Excerpts from a dataset:
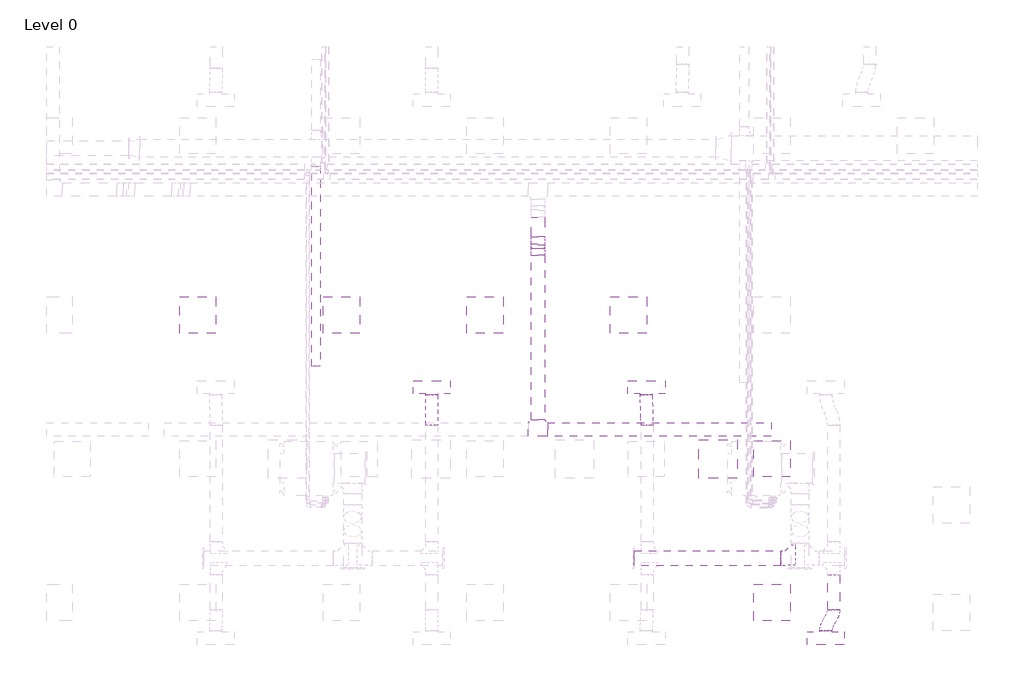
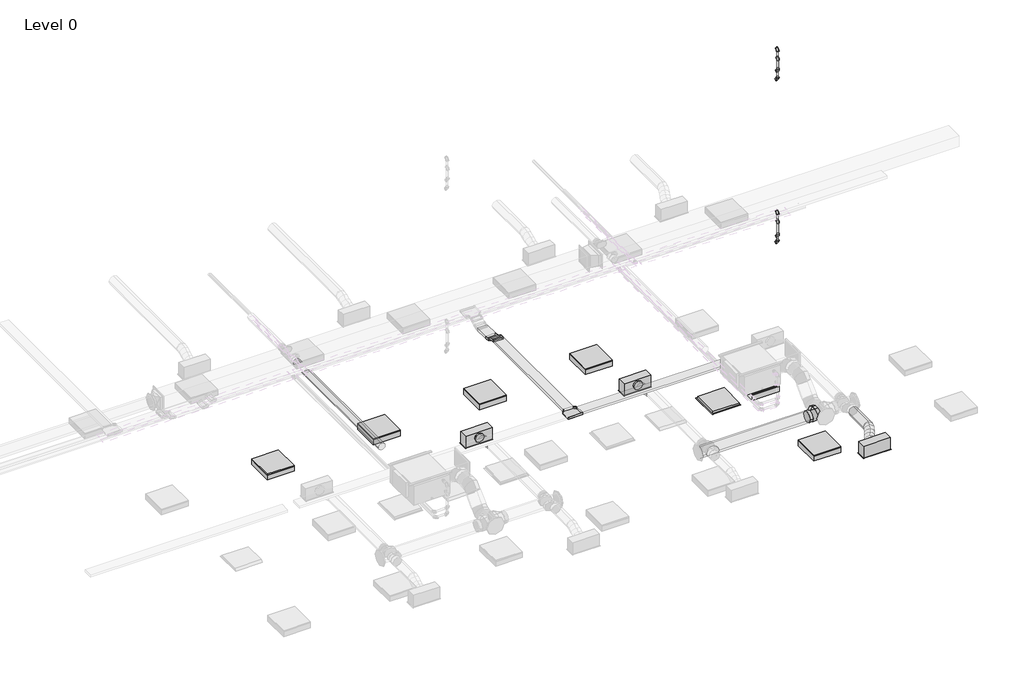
# One storey, part 10 of 34: 8 pipe fittings, 6 duct segments, 6 light fixtures, 4 air terminals, 4 cable carrier segments, 4 pipe segments, 3 cable carrier fittings, 1 duct fitting.
"""IFC4 building model written with IfcOpenShell, lengths in millimetres."""

from ifc_helpers import new_model, si_unit, point, frame, frame_2d, origin, place, context, project, spatial, polyline, circle_curve, ellipse_curve, trimmed, segment, composite_curve, outline, extrude, transform, mapped, element, save
from ifc_brep_helpers import plane_surface, cylinder_surface, advanced_brep
from components import return_grille_rectangular_hosted_standard_7b12617c, supply_diffuser_with_plenum_linear_slot_hosted_8c379eed, cable_tray_horizontal_tee_standard_d76b5e15, cable_tray_vertical_inside_bend_standard_9a66f55b, cable_tray_vertical_outside_bend_standard_4df2047e, dw144_round_shoe_branch_slip_joint1_standard_2_67b64720, troffer_light_2x2_parabolic_2_x2_2_lamp_120v_6a063ff3, elbow_threaded_gmi_standard_b4aa7741

model = new_model("IFC4")

# Units and contexts
model_context = context("Model", 3, world=origin())
ifc_project = project(units=[si_unit("LENGTHUNIT", "METRE", prefix="MILLI")], contexts=[model_context])

# Site, building, storey
site = spatial("IfcSite", under=ifc_project)
building = spatial("IfcBuilding", under=site)
storey = spatial("IfcBuildingStorey", under=building, Name="Level 0", Elevation=0.0)

# Air terminals
placement = place(None, origin())
return_grille_rectangular_hosted_standard_shape = return_grille_rectangular_hosted_standard_7b12617c(model_context)
element("IfcAirTerminal", 1, ObjectType="Return Grille - Rectangular - Hosted : Standard", at=placement, inside=storey, context=model_context, shape_type="MappedRepresentation", body=[
    mapped(return_grille_rectangular_hosted_standard_shape, transform((24762.2000027, 3963.2000004, 2800.0), x_axis=(1.0, 0.0, 0.0), y_axis=(0.0, -1.0, 0.0), z_axis=(0.0, 0.0, -1.0))),
])
supply_diffuser_with_plenum_linear_slot_hosted_shape = supply_diffuser_with_plenum_linear_slot_hosted_8c379eed(model_context)
element("IfcAirTerminal", 2, ObjectType="Supply Diffuser with Plenum - Linear Slot - Hosted : 24\" x 8\"-200 In Inlet  4-Slot", at=placement, inside=storey, context=model_context, shape_type="MappedRepresentation", body=[
    mapped(supply_diffuser_with_plenum_linear_slot_hosted_shape, transform((26562.2000027, 963.2000004, 2800.0), x_axis=(1.0, 0.0, 0.0), y_axis=(0.0, -1.0, 0.0), z_axis=(0.0, 0.0, -1.0))),
])
element("IfcAirTerminal", 3, ObjectType="Supply Diffuser with Plenum - Linear Slot - Hosted : 24\" x 8\"-200 In Inlet  4-Slot", at=placement, inside=storey, context=model_context, shape_type="MappedRepresentation", body=[
    mapped(supply_diffuser_with_plenum_linear_slot_hosted_shape, transform((19973.9000022, 5163.2000004, 2800.0), x_axis=(-1.0, 0.0, 0.0), y_axis=(0.0, 1.0, 0.0), z_axis=(0.0, 0.0, -1.0))),
])
element("IfcAirTerminal", 4, ObjectType="Supply Diffuser with Plenum - Linear Slot - Hosted : 24\" x 8\"-200 In Inlet  4-Slot", at=placement, inside=storey, context=model_context, shape_type="MappedRepresentation", body=[
    mapped(supply_diffuser_with_plenum_linear_slot_hosted_shape, transform((23562.2000027, 5163.2000004, 2800.0), x_axis=(-1.0, 0.0, 0.0), y_axis=(0.0, 1.0, 0.0), z_axis=(0.0, 0.0, -1.0))),
])

# Cable carrier fittings
cable_tray_horizontal_tee_standard_shape = cable_tray_horizontal_tee_standard_d76b5e15(model_context)
element("IfcCableCarrierFitting", 5, ObjectType="Cable Tray Horizontal Tee : Standard", at=placement, inside=storey, context=model_context, shape_type="MappedRepresentation", body=[
    mapped(cable_tray_horizontal_tee_standard_shape, transform((21747.5028601, 4459.9103775, 3275.0), x_axis=(-1.0, 0.0, 0.0), y_axis=(0.0, -1.0, 0.0), z_axis=(0.0, 0.0, 1.0))),
])
cable_tray_vertical_inside_bend_standard_shape = cable_tray_vertical_inside_bend_standard_9a66f55b(model_context)
element("IfcCableCarrierFitting", 6, ObjectType="Cable Tray Vertical Inside Bend : Standard", at=placement, inside=storey, context=model_context, shape_type="MappedRepresentation", body=[
    mapped(cable_tray_vertical_inside_bend_standard_shape, transform((21747.5028601, 7610.4627278, 3175.0), x_axis=(0.0, 0.8660254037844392, -0.49999999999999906), y_axis=(0.0, 0.49999999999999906, 0.8660254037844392), z_axis=(1.0, 0.0, 0.0))),
])
cable_tray_vertical_outside_bend_standard_shape = cable_tray_vertical_outside_bend_standard_4df2047e(model_context)
element("IfcCableCarrierFitting", 7, ObjectType="Cable Tray Vertical Outside Bend : Standard", at=placement, inside=storey, context=model_context, shape_type="MappedRepresentation", body=[
    mapped(cable_tray_vertical_outside_bend_standard_shape, transform((21747.5028601, 7437.257647, 3275.0), x_axis=(0.0, -0.8660254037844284, 0.5000000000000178), y_axis=(0.0, -0.5000000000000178, -0.8660254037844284), z_axis=(1.0, 0.0, 0.0))),
])

# Cable carrier segments
element("IfcCableCarrierSegment", 8, ObjectType="Perforated Cable Tray", at=placement, inside=storey, context=model_context, shape_type="SweptSolid", body=[
    extrude(outline(polyline([(21910.0028601, 4347.4103775), (21910.0028601, 4572.4103775), (25647.5028601, 4572.4103775), (25647.5028601, 4347.4103775), (21910.0028601, 4347.4103775)])), frame((0.0, 0.0, 3250.0), z_axis=(0.0, 0.0, 1.0), x_axis=(1.0, 0.0, 0.0)), (0.0, 0.0, 1.0), 50.0),
])
element("IfcCableCarrierSegment", 9, ObjectType="Perforated Cable Tray", at=placement, inside=storey, context=model_context, shape_type="SweptSolid", body=[
    extrude(outline(polyline([(21635.0028601, 7370.2703489), (21860.0028601, 7370.2703489), (21860.0028601, 4622.4103775), (21635.0028601, 4622.4103775), (21635.0028601, 7370.2703489)])), frame((0.0, 0.0, 3250.0), z_axis=(0.0, 0.0, 1.0), x_axis=(1.0, 0.0, 0.0)), (0.0, 0.0, 1.0), 50.0),
])
element("IfcCableCarrierSegment", 10, ObjectType="Perforated Cable Tray", at=placement, inside=storey, context=model_context, shape_type="SweptSolid", body=[
    extrude(outline(polyline([(21635.0028601, 8002.7307005), (21860.0028601, 8002.7307005), (21860.0028601, 7677.4500259), (21635.0028601, 7677.4500259), (21635.0028601, 8002.7307005)])), frame((0.0, 0.0, 3150.0), z_axis=(0.0, 0.0, 1.0), x_axis=(1.0, 0.0, 0.0)), (0.0, 0.0, 1.0), 50.0),
])
element("IfcCableCarrierSegment", 11, ObjectType="Perforated Cable Tray", at=placement, inside=storey, context=model_context, shape_type="SweptSolid", body=[
    extrude(outline(polyline([(0.0, -225.0), (0.0, 0.0), (66.0254038, 0.0), (66.0254038, -225.0), (0.0, -225.0)])), frame((21860.0028601, 7539.9500259, 3186.843014), z_axis=(0.0, 0.5000000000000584, 0.866025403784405), x_axis=(0.0, -0.866025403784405, 0.5000000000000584)), (0.0, 0.0, 1.0), 50.0),
])

# Duct fitting
dw144_round_shoe_branch_slip_joint1_standard_2_shape = dw144_round_shoe_branch_slip_joint1_standard_2_67b64720(model_context)
element("IfcDuctFitting", 12, ObjectType="DW144 Round Shoe Branch - Slip Joint1 : Standard 2", at=placement, inside=storey, context=model_context, shape_type="MappedRepresentation", body=[
    mapped(dw144_round_shoe_branch_slip_joint1_standard_2_shape, transform((25981.4561025, 2306.5018192, 3072.2088531), x_axis=(-1.0, 0.0, 0.0), y_axis=(0.0, -1.0, 0.0), z_axis=(0.0, 0.0, 1.0))),
])

# Duct segments
element("IfcDuctSegment", 13, ObjectType="DW144 Segmented Bend / Shoe Branch", at=placement, inside=storey, context=model_context, shape_type="SweptSolid", body=[
    extrude(outline(composite_curve([segment(trimmed(circle_curve(frame_2d((2306.5018192, 3072.2088531)), 125.0), [point((2431.5018192, 3072.2088531))], [point((2306.5018192, 2947.2088531))], False, "CARTESIAN"), True, "CONTINUOUS"), segment(trimmed(circle_curve(frame_2d((2306.5018192, 3072.2088531)), 125.0), [point((2306.5018192, 2947.2088531))], [point((2181.5018192, 3072.2088531))], False, "CARTESIAN"), True, "CONTINUOUS"), segment(trimmed(circle_curve(frame_2d((2306.5018192, 3072.2088531)), 125.0), [point((2181.5018192, 3072.2088531))], [point((2306.5018192, 3197.2088531))], False, "CARTESIAN"), True, "CONTINUOUS"), segment(trimmed(circle_curve(frame_2d((2306.5018192, 3072.2088531)), 125.0), [point((2306.5018192, 3197.2088531))], [point((2431.5018192, 3072.2088531))], False, "CARTESIAN"), True, "CONTINUOUS")], self_intersect=False)), frame((23361.4561025, 0.0, 0.0), z_axis=(1.0, 0.0, 0.0), x_axis=(0.0, 1.0, 0.0)), (0.0, 0.0, 1.0), 2445.0),
])
element("IfcDuctSegment", 14, ObjectType="DW144 Segmented Bend / Shoe Branch", at=placement, inside=storey, context=model_context, shape_type="SweptSolid", body=[
    extrude(outline(composite_curve([segment(trimmed(circle_curve(frame_2d((3072.2088531, 26693.9000022)), 100.0), [point((3072.2088531, 26593.9000022))], [point((2972.2088531, 26693.9000022))], False, "CARTESIAN"), True, "CONTINUOUS"), segment(trimmed(circle_curve(frame_2d((3072.2088531, 26693.9000022)), 100.0), [point((2972.2088531, 26693.9000022))], [point((3072.2088531, 26793.9000022))], False, "CARTESIAN"), True, "CONTINUOUS"), segment(trimmed(circle_curve(frame_2d((3072.2088531, 26693.9000022)), 100.0), [point((3072.2088531, 26793.9000022))], [point((3172.2088531, 26693.9000022))], False, "CARTESIAN"), True, "CONTINUOUS"), segment(trimmed(circle_curve(frame_2d((3072.2088531, 26693.9000022)), 100.0), [point((3172.2088531, 26693.9000022))], [point((3072.2088531, 26593.9000022))], False, "CARTESIAN"), True, "CONTINUOUS")], self_intersect=False)), frame((0.0, 1441.5018192, 0.0), z_axis=(0.0, 1.0, 0.0), x_axis=(0.0, 0.0, 1.0)), (0.0, 0.0, 1.0), 590.0),
])
element("IfcDuctSegment", 15, ObjectType="DW144 Segmented Bend / Shoe Branch", at=placement, inside=storey, context=model_context, shape_type="SweptSolid", body=[
    extrude(outline(composite_curve([segment(trimmed(circle_curve(frame_2d((3135.0, 18039.0080407)), 75.0), [point((3135.0, 17964.0080407))], [point((3060.0, 18039.0080407))], False, "CARTESIAN"), True, "CONTINUOUS"), segment(trimmed(circle_curve(frame_2d((3135.0, 18039.0080407)), 75.0), [point((3060.0, 18039.0080407))], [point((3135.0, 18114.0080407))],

▶ Work item:
The required output is the exact lines from the opening line of the entries through the line with "from ifc_brep_helpers import", inclusive, without pictures.

▶ Answer space:
# One storey, part 10 of 34: 8 pipe fittings, 6 duct segments, 6 light fixtures, 4 air terminals, 4 cable carrier segments, 4 pipe segments, 3 cable carrier fittings, 1 duct fitting.
"""IFC4 building model written with IfcOpenShell, lengths in millimetres."""

from ifc_helpers import new_model, si_unit, point, frame, frame_2d, origin, place, context, project, spatial, polyline, circle_curve, ellipse_curve, trimmed, segment, composite_curve, outline, extrude, transform, mapped, element, save
from ifc_brep_helpers import plane_surface, cylinder_surface, advanced_brep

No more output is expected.